Las piezas del puzle cuadrando en su cabeza. Su triste infancia, su enfermedad, la muerte de su hermano, su vida hasta su adultez, su padre. Su muerte, su renacimiento como Mythos, el amor por Anna, la culpa y el castigo por su nacimiento. Eric llamó a Ailén. Le musitó lo que creía y que pasarían a recogerla al día siguiente. Ella debía ir. Debía ir a buscarle. Recordó la noche anterior, su brazo extendido hacia ella. Su mirada. Esa mirada que tienen dos personas que se están enamorando. Eric se estremeció. Había estado ciego. Ciego por su propia soledad, su propia rabia, sus propios miedos, para ver los de alguien más. Alguien que no le había hecho nada malo. Alguien a quien había castigado injustamente por todo lo ocurrido. Alguien que le quería y lo había sacrificado todo por él.
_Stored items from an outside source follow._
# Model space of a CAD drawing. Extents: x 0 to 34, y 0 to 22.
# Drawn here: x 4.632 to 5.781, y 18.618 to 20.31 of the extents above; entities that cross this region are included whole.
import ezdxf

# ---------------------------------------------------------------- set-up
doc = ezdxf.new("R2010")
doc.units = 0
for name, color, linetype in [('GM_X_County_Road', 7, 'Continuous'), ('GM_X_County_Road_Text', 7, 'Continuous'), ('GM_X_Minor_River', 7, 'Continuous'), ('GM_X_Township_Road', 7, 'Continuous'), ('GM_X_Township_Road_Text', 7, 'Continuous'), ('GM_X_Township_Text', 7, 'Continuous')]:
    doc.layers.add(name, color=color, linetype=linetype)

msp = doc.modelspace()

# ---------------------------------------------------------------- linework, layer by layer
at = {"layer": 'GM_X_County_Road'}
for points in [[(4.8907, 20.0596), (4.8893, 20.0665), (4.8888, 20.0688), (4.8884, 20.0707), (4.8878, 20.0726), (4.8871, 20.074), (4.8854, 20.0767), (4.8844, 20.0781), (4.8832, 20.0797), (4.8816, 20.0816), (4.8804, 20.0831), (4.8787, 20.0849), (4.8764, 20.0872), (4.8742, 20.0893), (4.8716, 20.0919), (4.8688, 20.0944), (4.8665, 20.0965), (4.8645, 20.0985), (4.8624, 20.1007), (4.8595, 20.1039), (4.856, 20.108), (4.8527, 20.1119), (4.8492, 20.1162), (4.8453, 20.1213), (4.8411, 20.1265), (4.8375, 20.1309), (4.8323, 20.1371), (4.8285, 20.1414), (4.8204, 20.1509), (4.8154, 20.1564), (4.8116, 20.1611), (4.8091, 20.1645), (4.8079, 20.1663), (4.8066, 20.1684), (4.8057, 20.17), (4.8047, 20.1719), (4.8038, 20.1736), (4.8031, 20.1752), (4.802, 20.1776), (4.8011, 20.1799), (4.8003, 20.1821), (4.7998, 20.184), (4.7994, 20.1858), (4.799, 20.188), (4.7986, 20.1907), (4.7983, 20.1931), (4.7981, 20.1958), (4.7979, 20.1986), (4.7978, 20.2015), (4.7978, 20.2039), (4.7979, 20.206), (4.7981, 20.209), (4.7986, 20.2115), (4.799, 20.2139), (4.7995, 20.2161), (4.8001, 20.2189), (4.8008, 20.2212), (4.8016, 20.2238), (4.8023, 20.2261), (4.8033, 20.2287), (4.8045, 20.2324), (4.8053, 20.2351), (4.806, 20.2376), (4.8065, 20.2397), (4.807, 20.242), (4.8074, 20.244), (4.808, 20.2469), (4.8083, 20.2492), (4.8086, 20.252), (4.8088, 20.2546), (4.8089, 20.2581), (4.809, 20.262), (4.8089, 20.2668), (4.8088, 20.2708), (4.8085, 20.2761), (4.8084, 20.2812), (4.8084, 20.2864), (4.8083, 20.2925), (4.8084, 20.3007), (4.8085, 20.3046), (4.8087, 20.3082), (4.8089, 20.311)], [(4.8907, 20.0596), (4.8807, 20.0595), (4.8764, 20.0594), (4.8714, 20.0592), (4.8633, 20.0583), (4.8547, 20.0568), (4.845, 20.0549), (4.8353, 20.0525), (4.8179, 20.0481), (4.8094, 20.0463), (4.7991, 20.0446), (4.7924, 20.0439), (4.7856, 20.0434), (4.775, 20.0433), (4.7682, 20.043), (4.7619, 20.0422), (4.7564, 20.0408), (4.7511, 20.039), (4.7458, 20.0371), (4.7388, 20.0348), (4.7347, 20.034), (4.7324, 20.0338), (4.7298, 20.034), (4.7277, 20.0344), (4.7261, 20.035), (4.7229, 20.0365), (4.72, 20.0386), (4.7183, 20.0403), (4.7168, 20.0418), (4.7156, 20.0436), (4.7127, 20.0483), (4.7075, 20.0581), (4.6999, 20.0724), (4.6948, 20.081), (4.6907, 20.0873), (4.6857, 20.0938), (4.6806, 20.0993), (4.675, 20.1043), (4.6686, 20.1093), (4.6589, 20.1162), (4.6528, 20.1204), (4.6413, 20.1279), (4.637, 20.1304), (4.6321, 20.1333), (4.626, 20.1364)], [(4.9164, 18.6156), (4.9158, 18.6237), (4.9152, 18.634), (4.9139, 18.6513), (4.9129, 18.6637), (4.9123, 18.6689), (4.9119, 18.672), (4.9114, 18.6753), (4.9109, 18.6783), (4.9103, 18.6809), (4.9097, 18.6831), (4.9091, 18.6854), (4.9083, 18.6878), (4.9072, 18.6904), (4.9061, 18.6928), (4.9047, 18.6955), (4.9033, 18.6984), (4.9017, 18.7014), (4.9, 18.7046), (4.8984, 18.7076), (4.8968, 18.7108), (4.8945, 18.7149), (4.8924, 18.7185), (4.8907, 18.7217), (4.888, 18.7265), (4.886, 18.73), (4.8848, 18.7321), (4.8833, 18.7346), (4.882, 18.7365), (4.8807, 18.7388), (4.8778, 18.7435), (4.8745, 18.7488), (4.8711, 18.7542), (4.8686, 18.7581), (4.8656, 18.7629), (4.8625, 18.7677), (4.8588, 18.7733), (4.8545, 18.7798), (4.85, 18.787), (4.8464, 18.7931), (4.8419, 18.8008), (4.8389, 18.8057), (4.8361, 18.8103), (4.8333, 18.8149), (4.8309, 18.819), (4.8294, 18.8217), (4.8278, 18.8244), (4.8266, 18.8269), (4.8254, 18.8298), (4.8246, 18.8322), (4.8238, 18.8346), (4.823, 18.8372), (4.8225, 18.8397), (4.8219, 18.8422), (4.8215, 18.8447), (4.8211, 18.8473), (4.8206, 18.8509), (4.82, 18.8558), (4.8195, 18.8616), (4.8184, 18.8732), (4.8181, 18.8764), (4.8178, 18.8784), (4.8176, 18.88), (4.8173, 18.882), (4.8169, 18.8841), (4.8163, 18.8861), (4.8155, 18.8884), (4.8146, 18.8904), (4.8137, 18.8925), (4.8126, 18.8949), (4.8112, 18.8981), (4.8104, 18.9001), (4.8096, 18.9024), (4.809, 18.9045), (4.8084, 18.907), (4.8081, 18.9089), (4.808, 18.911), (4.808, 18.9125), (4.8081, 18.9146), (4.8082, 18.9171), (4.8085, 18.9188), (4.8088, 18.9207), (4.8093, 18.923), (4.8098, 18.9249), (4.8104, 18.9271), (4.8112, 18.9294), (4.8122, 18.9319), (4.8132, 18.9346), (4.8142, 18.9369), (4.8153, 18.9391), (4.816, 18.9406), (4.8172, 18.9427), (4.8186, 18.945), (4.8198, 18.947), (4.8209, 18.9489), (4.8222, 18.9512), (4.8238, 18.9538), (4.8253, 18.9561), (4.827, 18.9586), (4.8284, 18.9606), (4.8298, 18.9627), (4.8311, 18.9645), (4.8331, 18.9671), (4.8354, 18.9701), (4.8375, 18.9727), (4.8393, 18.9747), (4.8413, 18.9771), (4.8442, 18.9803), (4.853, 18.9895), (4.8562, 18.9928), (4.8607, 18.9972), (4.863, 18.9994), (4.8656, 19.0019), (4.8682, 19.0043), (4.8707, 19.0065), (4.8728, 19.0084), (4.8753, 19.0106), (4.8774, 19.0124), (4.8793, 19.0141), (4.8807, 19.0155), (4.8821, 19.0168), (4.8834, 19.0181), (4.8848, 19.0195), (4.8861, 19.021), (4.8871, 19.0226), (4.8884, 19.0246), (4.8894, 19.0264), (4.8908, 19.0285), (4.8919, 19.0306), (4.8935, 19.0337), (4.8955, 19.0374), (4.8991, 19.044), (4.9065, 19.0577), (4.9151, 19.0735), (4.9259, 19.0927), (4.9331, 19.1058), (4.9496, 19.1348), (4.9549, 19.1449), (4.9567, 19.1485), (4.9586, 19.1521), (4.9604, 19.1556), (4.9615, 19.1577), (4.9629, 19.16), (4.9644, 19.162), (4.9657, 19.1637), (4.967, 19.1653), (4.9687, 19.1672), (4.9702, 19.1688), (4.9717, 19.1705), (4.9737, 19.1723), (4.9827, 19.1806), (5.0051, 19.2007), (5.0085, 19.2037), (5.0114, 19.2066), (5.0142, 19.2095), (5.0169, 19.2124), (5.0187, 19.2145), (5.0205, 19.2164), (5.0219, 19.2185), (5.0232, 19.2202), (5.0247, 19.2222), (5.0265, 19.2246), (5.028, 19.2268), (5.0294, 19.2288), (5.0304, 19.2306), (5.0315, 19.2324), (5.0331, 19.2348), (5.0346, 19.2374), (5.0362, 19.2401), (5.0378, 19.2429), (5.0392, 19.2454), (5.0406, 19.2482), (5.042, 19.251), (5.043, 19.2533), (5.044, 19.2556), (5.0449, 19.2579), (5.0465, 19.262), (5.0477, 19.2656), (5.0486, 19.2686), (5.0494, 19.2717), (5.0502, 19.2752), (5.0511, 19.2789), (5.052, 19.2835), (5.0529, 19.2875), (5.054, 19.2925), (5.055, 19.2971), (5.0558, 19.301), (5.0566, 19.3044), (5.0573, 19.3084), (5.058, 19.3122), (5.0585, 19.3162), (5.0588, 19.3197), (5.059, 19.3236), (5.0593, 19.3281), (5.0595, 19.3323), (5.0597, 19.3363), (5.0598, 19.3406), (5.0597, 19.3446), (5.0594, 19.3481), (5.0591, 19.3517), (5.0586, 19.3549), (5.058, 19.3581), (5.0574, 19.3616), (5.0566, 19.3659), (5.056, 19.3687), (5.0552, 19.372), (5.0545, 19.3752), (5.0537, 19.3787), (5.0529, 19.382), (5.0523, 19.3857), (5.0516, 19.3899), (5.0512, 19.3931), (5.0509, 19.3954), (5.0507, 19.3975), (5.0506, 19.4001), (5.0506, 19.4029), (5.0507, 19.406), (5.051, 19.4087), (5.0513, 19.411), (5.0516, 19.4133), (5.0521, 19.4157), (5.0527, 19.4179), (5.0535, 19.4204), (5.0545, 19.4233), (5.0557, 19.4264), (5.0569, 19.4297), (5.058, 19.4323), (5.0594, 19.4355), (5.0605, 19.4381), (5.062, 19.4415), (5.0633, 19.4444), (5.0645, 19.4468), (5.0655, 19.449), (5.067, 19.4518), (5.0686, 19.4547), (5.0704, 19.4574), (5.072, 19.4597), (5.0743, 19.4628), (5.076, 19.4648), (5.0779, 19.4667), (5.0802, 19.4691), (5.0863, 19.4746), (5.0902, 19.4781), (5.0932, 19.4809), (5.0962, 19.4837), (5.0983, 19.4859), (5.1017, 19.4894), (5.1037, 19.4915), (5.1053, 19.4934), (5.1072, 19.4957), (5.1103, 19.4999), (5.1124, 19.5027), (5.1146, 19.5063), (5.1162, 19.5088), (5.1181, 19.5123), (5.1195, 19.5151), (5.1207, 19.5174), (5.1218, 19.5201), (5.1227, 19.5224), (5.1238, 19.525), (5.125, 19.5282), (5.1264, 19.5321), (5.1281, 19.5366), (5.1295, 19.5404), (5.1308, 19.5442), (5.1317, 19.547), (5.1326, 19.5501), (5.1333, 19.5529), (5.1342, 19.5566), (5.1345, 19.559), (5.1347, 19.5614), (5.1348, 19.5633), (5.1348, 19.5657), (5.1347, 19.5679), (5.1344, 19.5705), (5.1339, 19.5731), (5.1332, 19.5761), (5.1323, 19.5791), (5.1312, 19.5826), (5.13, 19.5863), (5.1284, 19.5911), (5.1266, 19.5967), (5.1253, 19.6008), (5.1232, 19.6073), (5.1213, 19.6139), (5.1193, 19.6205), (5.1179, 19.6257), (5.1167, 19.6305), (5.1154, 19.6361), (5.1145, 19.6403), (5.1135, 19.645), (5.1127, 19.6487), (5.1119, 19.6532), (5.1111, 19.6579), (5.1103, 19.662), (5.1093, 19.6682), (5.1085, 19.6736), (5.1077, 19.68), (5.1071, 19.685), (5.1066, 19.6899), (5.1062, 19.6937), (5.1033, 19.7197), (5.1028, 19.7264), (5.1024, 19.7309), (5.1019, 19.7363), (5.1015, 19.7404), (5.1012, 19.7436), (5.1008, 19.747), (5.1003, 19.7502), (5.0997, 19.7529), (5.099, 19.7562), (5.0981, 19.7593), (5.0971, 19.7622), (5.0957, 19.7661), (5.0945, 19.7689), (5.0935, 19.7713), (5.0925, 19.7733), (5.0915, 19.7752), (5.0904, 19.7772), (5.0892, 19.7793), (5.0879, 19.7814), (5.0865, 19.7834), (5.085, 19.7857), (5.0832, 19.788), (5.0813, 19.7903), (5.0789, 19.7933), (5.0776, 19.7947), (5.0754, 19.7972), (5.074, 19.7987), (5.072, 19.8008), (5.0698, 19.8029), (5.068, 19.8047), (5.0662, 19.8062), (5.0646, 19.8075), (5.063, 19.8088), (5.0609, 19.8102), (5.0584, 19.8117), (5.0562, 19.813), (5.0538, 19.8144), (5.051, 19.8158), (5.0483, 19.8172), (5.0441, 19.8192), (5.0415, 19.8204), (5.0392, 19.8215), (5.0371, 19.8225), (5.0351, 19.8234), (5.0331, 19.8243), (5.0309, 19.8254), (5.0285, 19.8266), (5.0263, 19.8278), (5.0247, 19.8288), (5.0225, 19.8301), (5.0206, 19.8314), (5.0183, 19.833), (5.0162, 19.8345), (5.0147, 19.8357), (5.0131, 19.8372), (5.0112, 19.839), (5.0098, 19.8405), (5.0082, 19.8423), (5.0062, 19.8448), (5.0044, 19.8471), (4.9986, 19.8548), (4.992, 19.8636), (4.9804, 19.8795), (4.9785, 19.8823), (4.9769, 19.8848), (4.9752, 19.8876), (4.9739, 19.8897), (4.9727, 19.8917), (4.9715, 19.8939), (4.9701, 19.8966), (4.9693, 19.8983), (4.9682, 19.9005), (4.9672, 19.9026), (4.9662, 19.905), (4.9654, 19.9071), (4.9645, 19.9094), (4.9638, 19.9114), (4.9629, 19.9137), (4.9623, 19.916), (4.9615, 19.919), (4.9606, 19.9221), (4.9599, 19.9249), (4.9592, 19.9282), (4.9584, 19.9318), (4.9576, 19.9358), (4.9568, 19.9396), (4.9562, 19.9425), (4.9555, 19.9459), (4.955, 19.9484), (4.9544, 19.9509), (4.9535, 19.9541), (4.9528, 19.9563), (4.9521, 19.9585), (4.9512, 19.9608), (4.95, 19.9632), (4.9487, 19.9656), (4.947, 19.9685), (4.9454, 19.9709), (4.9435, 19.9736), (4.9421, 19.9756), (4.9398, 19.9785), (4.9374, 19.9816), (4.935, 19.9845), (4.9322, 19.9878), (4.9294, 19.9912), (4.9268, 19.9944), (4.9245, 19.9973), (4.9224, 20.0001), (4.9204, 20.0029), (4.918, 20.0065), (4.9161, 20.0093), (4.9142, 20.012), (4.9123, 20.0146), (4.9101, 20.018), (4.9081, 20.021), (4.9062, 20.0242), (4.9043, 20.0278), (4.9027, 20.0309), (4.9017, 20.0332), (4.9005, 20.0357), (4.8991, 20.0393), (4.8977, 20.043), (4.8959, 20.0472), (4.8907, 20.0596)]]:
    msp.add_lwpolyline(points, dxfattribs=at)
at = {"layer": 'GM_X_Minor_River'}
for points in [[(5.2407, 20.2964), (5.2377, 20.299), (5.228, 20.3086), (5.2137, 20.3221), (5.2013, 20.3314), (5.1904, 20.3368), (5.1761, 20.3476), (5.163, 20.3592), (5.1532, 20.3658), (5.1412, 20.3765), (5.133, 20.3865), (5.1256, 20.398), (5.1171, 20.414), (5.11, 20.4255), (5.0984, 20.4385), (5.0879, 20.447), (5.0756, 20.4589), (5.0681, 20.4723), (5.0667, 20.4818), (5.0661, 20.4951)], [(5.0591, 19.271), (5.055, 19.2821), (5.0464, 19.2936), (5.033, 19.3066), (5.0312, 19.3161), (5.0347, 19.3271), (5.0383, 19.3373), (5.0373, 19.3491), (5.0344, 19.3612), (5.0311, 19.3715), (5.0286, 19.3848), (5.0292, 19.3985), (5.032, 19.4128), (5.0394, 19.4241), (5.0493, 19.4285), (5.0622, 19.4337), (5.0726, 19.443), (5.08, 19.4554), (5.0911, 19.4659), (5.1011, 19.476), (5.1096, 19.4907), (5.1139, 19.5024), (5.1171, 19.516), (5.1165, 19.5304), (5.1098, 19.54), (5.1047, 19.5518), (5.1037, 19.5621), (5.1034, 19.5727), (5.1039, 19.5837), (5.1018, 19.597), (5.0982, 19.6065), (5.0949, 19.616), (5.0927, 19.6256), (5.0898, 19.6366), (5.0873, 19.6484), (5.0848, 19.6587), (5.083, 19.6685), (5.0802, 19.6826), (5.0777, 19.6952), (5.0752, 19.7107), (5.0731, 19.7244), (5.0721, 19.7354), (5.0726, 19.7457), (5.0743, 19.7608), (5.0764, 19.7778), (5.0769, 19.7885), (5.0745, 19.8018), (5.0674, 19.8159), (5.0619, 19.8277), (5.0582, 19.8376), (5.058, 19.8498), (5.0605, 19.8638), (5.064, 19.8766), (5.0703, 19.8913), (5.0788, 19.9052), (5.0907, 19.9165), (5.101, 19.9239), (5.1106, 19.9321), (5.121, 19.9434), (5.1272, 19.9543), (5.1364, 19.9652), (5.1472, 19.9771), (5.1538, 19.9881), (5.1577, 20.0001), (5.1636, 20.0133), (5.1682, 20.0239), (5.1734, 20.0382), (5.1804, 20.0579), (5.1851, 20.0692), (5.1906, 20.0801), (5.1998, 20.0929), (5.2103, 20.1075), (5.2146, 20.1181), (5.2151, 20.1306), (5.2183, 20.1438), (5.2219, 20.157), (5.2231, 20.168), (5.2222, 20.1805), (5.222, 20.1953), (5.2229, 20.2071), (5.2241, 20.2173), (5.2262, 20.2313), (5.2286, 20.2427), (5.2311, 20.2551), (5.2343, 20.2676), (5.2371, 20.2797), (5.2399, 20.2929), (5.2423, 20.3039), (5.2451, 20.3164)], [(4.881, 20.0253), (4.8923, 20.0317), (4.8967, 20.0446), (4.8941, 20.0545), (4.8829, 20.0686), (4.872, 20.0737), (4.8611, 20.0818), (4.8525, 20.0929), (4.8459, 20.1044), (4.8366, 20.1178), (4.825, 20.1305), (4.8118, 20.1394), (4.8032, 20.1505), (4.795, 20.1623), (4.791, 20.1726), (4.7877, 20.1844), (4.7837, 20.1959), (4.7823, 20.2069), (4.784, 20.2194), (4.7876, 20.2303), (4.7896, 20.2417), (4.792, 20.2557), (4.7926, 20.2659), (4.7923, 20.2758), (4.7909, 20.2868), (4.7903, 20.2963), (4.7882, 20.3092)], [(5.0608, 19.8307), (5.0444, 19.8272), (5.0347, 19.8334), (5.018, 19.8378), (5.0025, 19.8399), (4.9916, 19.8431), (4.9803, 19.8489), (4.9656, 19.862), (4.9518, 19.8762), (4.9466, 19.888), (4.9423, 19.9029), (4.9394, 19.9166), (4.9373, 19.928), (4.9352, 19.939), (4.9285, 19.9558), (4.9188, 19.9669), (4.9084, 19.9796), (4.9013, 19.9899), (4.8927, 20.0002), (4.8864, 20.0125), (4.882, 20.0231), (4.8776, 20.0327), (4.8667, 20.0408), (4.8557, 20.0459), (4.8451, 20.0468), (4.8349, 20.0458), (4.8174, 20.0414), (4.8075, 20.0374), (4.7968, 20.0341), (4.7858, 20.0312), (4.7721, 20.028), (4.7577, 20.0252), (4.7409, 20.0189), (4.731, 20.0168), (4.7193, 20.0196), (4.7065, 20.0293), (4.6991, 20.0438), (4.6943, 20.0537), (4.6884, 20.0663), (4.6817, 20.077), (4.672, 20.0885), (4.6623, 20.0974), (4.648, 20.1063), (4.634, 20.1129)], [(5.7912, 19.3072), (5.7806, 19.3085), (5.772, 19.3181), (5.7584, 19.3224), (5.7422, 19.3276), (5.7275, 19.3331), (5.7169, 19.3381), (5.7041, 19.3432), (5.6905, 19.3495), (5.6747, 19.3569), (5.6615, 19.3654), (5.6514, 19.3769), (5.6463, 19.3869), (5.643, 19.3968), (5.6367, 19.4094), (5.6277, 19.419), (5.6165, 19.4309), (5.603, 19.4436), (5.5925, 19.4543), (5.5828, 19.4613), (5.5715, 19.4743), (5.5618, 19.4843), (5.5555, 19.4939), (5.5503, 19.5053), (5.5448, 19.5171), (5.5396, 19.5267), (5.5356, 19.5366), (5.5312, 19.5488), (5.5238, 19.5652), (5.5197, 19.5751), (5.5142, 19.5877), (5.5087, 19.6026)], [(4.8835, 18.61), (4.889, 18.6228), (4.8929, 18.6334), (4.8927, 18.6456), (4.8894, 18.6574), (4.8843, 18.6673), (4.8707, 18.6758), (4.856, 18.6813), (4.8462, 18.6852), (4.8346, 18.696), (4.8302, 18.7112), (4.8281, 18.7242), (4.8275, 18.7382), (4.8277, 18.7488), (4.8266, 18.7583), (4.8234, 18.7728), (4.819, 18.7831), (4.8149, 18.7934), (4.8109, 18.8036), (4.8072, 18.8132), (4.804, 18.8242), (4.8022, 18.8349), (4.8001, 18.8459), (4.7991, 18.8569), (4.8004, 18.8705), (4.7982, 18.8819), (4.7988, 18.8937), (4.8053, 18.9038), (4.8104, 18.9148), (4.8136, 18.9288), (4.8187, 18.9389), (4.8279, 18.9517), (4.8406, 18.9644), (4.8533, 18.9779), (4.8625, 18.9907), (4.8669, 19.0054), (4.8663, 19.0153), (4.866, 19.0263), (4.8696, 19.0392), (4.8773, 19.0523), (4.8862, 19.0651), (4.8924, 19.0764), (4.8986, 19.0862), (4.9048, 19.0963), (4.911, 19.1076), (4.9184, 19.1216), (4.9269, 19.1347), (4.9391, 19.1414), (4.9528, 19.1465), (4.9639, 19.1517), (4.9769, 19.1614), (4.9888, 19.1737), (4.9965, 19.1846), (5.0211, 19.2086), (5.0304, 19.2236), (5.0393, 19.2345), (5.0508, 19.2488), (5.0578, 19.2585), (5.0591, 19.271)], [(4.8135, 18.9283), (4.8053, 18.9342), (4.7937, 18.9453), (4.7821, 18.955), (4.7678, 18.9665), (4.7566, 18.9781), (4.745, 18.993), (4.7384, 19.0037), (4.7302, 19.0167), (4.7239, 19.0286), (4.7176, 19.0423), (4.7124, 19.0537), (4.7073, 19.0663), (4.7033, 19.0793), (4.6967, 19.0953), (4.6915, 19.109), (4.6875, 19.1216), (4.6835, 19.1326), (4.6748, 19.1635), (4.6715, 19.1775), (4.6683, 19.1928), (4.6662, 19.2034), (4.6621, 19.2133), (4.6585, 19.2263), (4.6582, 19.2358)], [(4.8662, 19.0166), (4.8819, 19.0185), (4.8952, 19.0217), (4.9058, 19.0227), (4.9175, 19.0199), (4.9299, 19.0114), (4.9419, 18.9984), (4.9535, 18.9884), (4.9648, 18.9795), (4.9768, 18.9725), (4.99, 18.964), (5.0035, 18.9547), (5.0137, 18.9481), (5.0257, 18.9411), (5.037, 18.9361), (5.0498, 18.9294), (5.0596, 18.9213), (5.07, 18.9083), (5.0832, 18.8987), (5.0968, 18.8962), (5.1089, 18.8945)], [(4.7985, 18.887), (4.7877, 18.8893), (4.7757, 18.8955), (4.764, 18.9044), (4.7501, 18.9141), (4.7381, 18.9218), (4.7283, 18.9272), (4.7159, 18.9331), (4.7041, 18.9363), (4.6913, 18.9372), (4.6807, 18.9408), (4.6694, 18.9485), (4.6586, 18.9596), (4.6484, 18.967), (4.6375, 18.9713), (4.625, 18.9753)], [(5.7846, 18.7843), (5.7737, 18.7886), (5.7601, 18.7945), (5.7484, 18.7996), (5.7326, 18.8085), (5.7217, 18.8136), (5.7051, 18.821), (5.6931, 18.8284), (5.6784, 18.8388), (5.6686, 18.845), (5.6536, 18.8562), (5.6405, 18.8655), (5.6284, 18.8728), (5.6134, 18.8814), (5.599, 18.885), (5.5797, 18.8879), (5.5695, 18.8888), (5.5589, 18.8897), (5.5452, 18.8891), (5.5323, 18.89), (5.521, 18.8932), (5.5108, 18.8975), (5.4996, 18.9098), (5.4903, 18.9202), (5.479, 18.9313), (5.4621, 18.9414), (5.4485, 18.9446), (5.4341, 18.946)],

Al día siguiente, Eric le presentó formalmente a Mark. Ailén supo que le caería bien en el primer instante en que cruzaron miradas. Ella escuchó todo lo que le contaron, aunque parte de muchas de esas cosas, ya las conocía de las novelas de Mark. Únicamente, que no hubiera creído que el personaje protagonista fuera real. Ese del que ella llevaba enamorada desde la primera vez que leyó el primer libro. No podía creer que fuera Abigor. Sin embargo, ahora tenía más sentido. Esa unión que sentía cuando le miraba. Lo que sentía cuando le veía sonreír de medio lado. Él era especial, la hacía sentir especial. Hacía que el ruido de fuera, esa luz cegadora que siempre la mareaba, fuera soportable.
Claro que iría a buscarle. Claro que no quería dejarle atrás. No le conocía de hacía meses, ni años, ni tenían un pasado en común. Se podía decir, que hacía tres días que se conocían, y sería cierto. Pero, Ailén sentía que, toda la vida, se habían estado esperando. Ella nació para él. Se convirtió en cuento por él. Despertó como Mythos por él. El destino, era más poderoso que el Gran Mythos, que el Mundo en sí. Las historias que latían bajo Mundo, esas que solo ellos podían escuchar, eran más fuertes y verdaderas. Ellas le habían guiado hasta él. Su destino era cuidarle, darle lo que todos le habían arrebatado. No tenían un pasado, pero tenían la eternidad. Y, ese era demasiado tiempo, para estar solo.